_WORK TO COMPLETE_:
Please report how many lines in these records contain the string "value", and give nothing besides the number.

_DATASET RECORDS_:

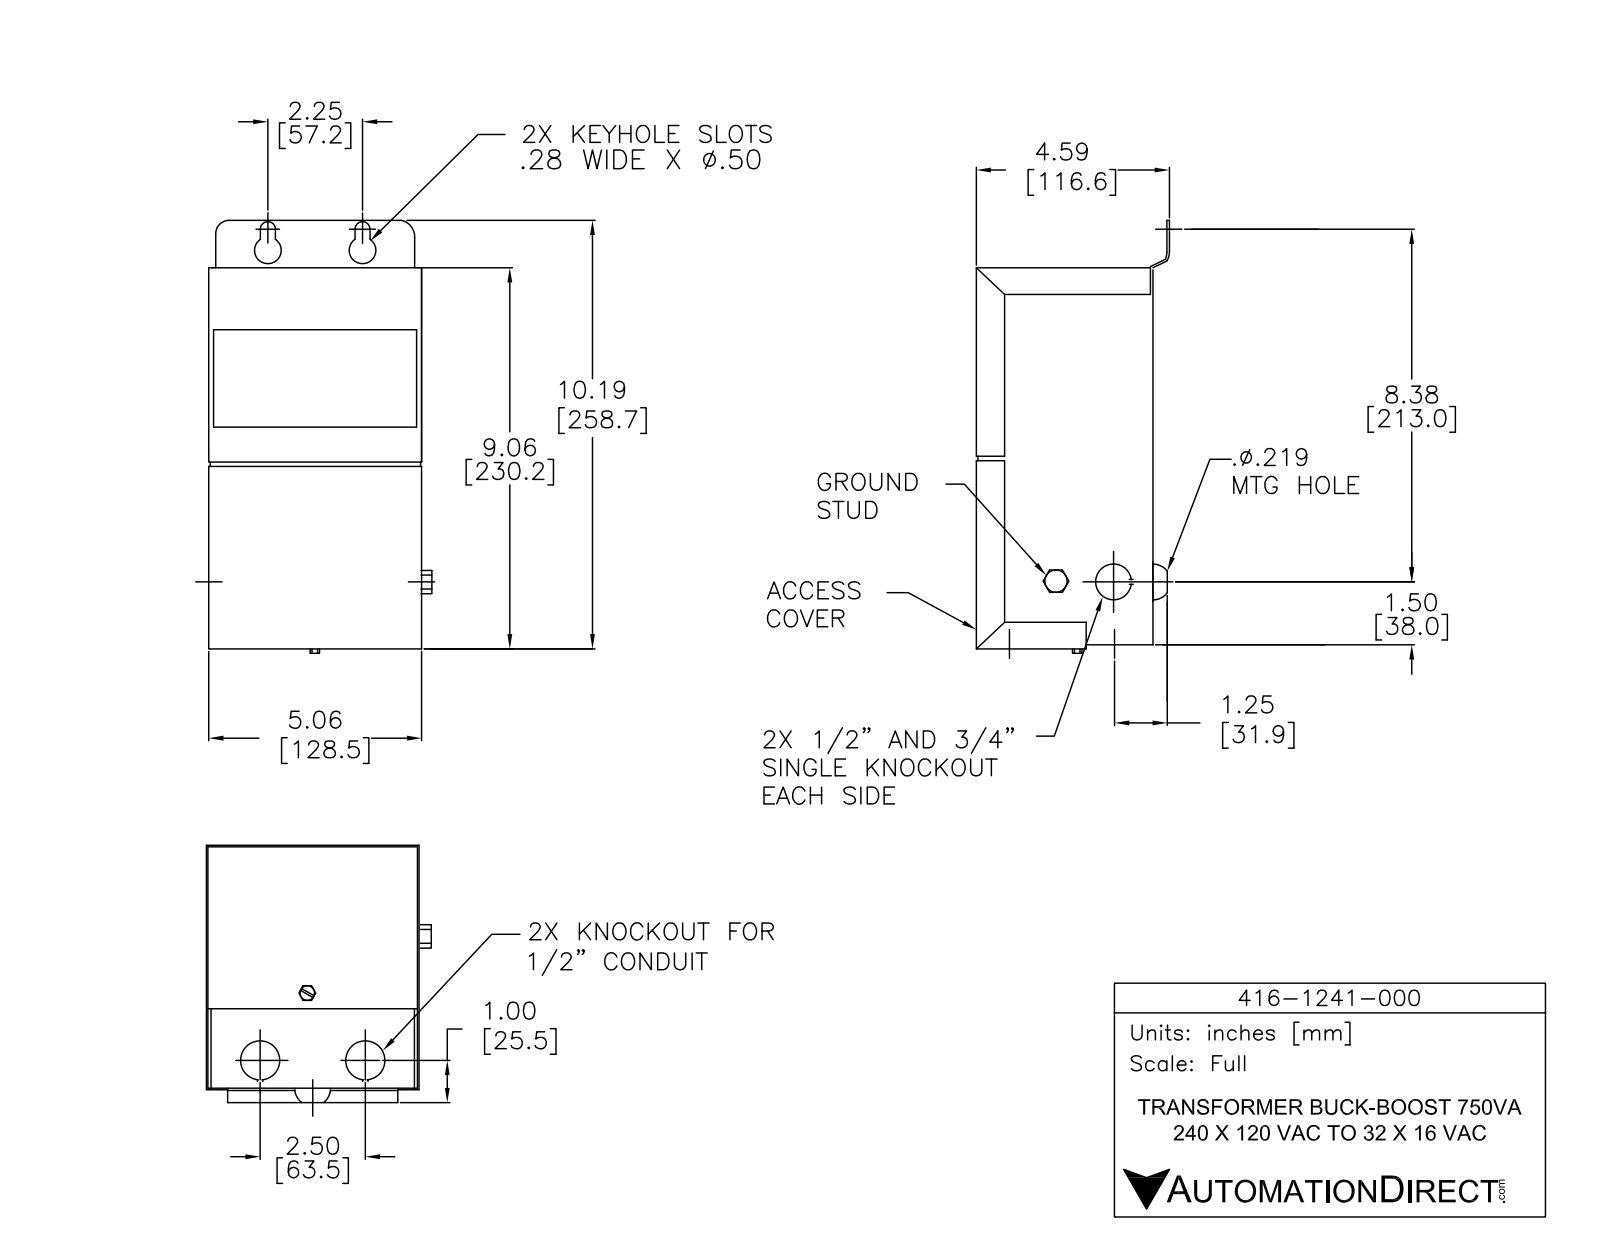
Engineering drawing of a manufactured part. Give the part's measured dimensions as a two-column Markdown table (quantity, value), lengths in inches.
| quantity | value |
| --- | --- |
| part name | 416-1241-000 |
| STEP written by | SolidWorks 2013 (AUTOMOTIVE_DESIGN) |
| units | inches |
| bodies | 1 solid, 159 faces (91 planar, 52 cylindrical, 16 other) |
| overall size | 10.3 × 5.17 × 4.591 |
| volume | 190.3 in³ |
| surface area | 225.3 in² |
| round holes (diameter × count) | 0.5 × 2, 0.875 × 2, 0.219 × 1, 0.232 × 1, 0.29 × 1, 0.875 × 1 |
| round bosses / shafts (diameter × count) | 1.125 × 1 |
| partial cylindrical surfaces (radius × count) | 0.04 × 10, 0.25 × 10, 0.14 × 2, 0.06 × 1, 0.149 × 1, 0.189 × 1 |
| main face-to-face distances | 4.2, 4.98, 0.04, 5.02, 4.201, 9.06, 5.06, 9.02, 0.04, 0.39 |
| hole center spacings | 1.719, 8.168, 1.37, 2.25, 2.5 |
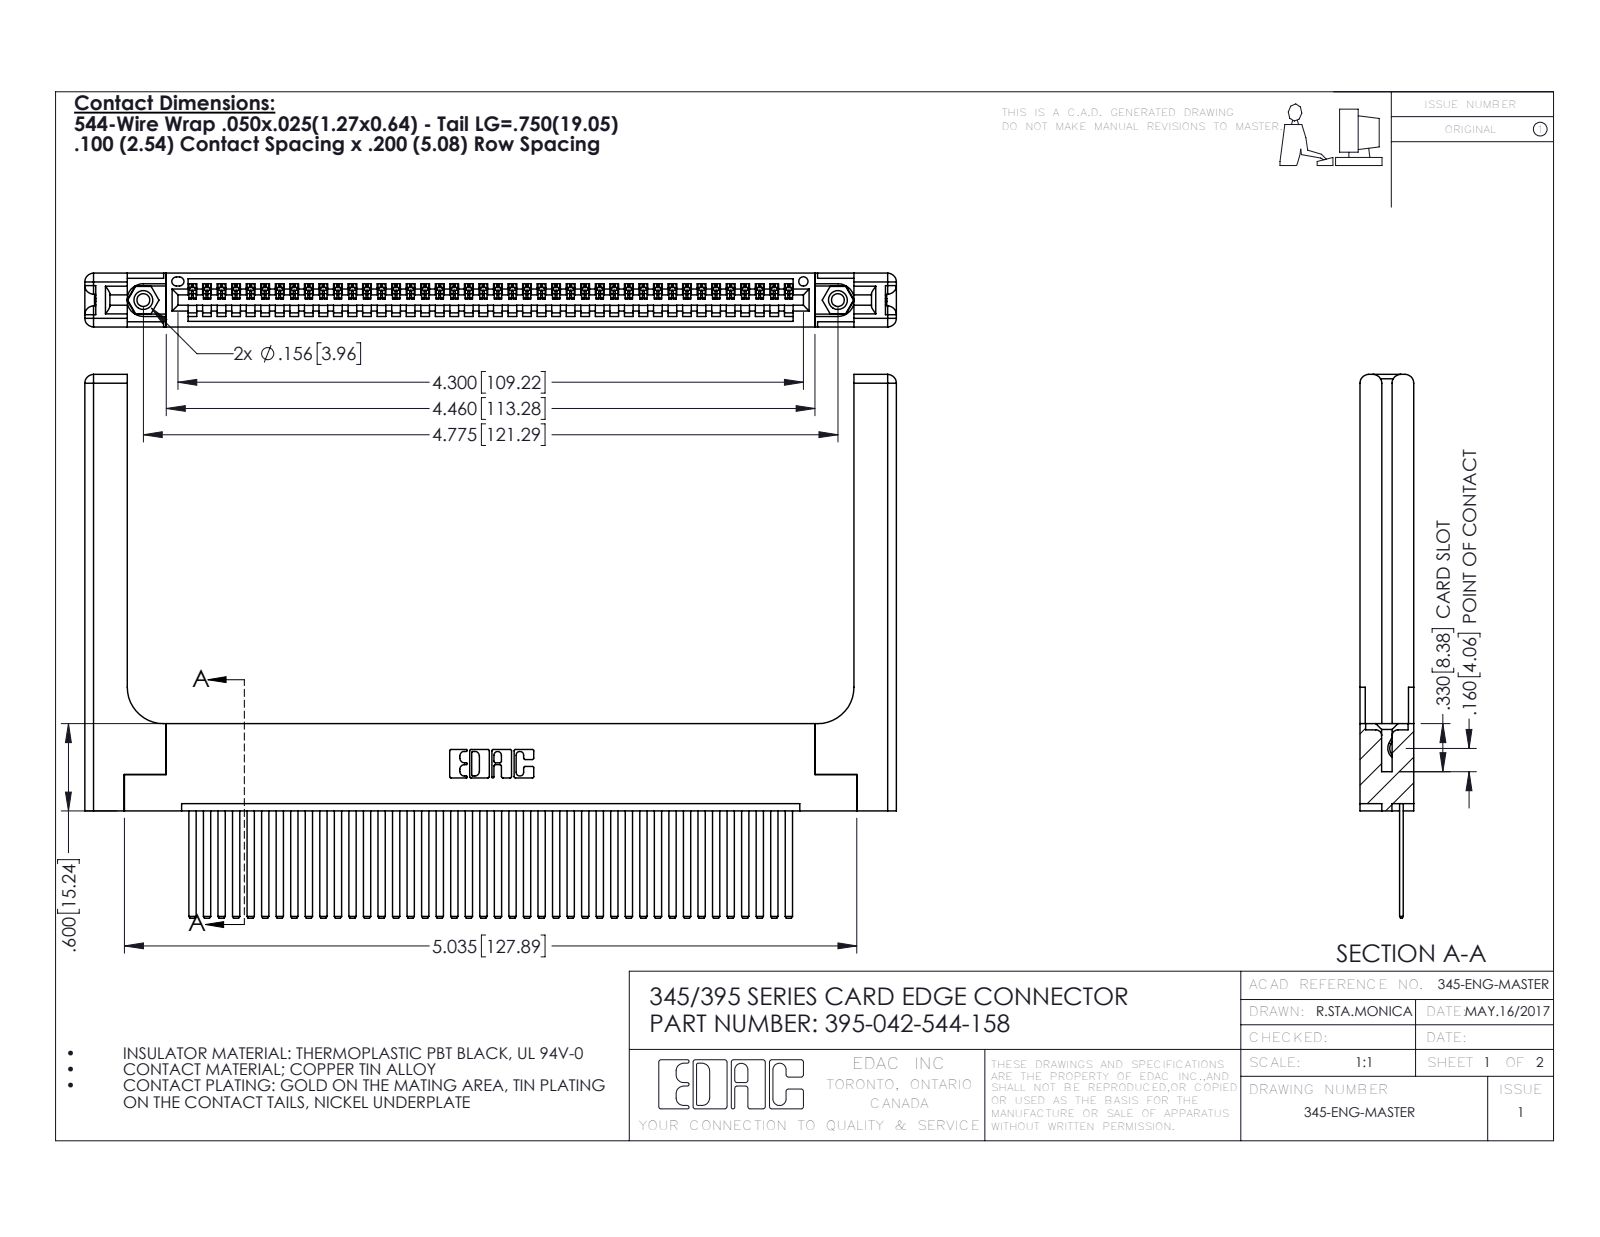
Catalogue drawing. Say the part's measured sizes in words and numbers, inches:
The part is named "395-042-544-158; 345-220-058_345-220-058; 345-250-001_345-250-001-102; 345 Part_Flush Mounting Lugs - 0.156 Dia-TH (+1 more)". Its 3-D file was written by "SolidWorks 2016 (CONFIG_CONTROL_DESIGN)". It is 47 solids with 2566 faces: 1740 planar, 766 cylindrical and 60 other. Overall it measures 5.579 by 3.737 by 0.37 inches. Its volume is 1.37 cubic inches and its surface area 39.21 square inches. Round holes: 2 of diameter 0.089, 2 of diameter 0.125, 2 of diameter 0.156, 1 of diameter 0.064. Round bosses or shafts: 2 of diameter 0.155. Partial cylindrical surfaces (rounded edges, fillets, slot ends): 84 of radius 0.006, 22 of radius 0.01, 16 of radius 0.06, 6 of radius 0.007, 6 of radius 0.031, 3 of radius 0.026, 2 of radius 0.03, 2 of radius 0.031. The main face-to-face distances are 0.072, 0.298, 0.37, 0.098, 0.272, 0.025, 0.2, 0.148, 0.15, 0.225. The hole center spacings are 0.27, 4.539, 4.775.
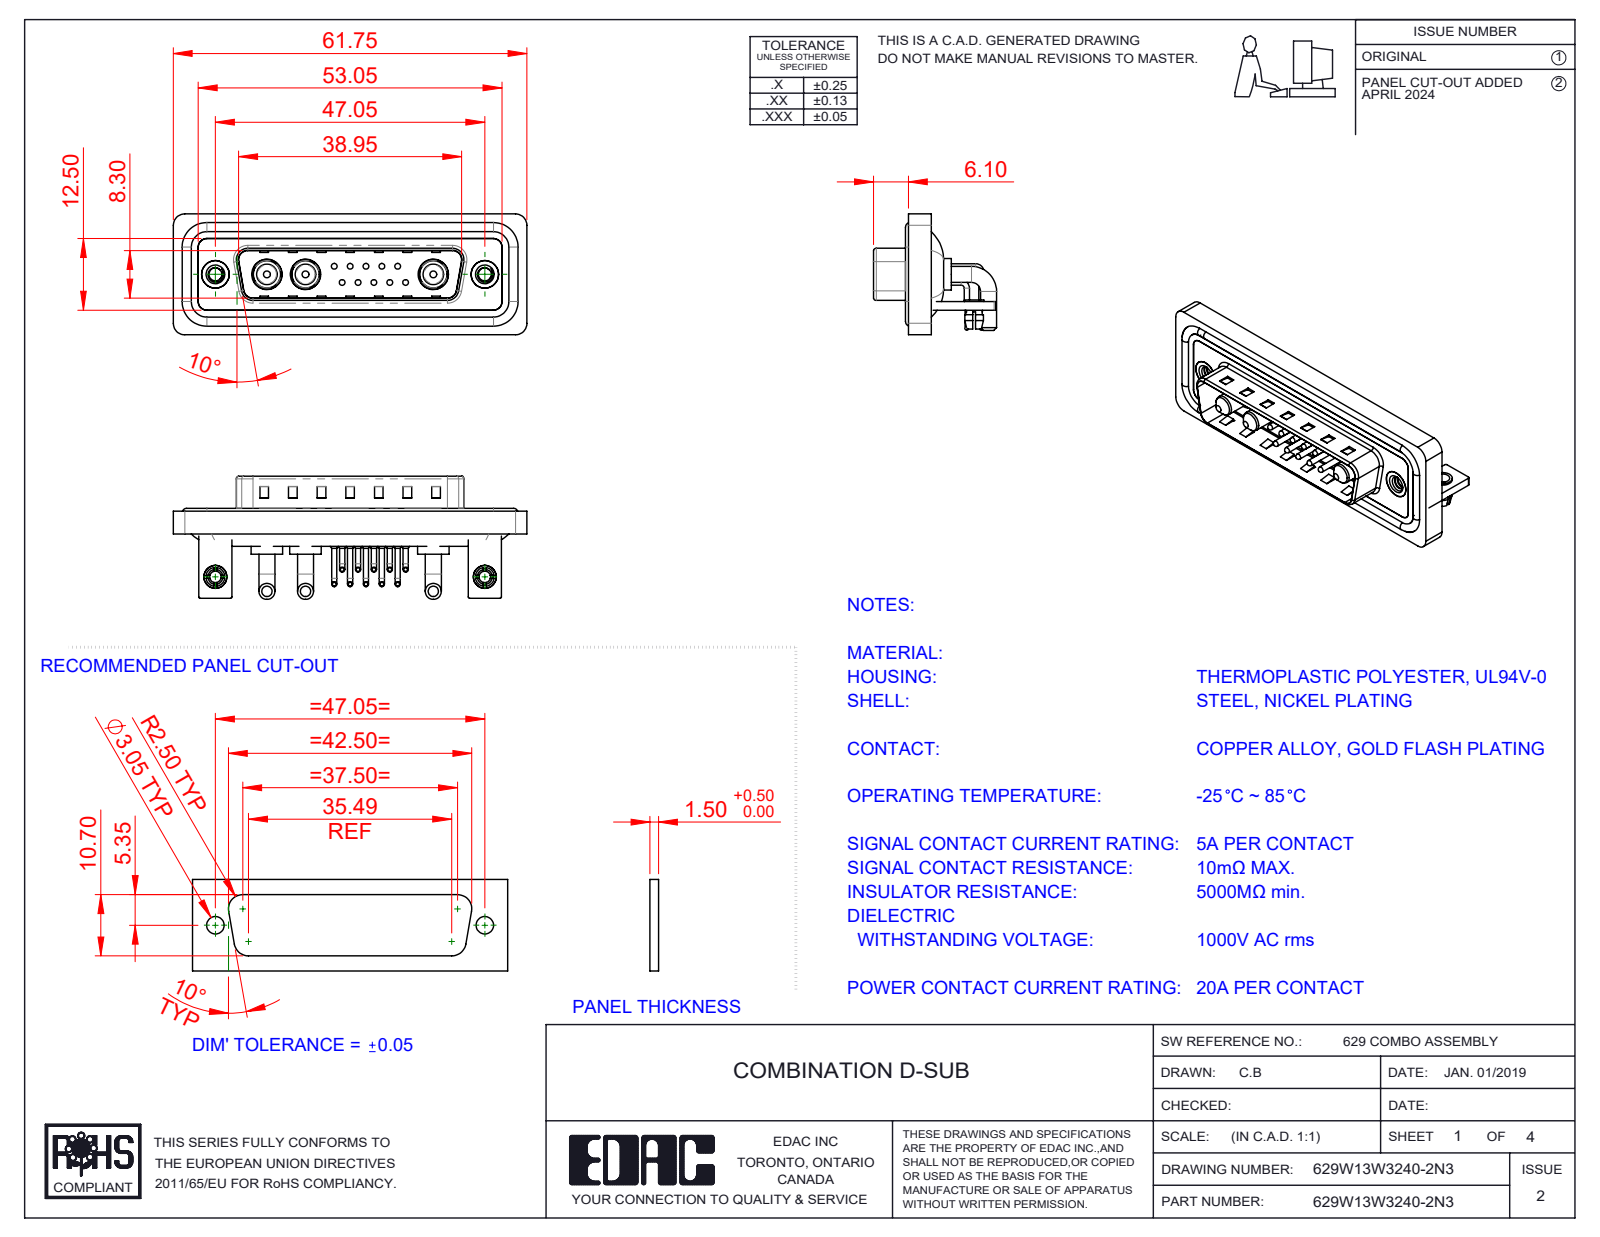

_WRITTEN REPLY_:
2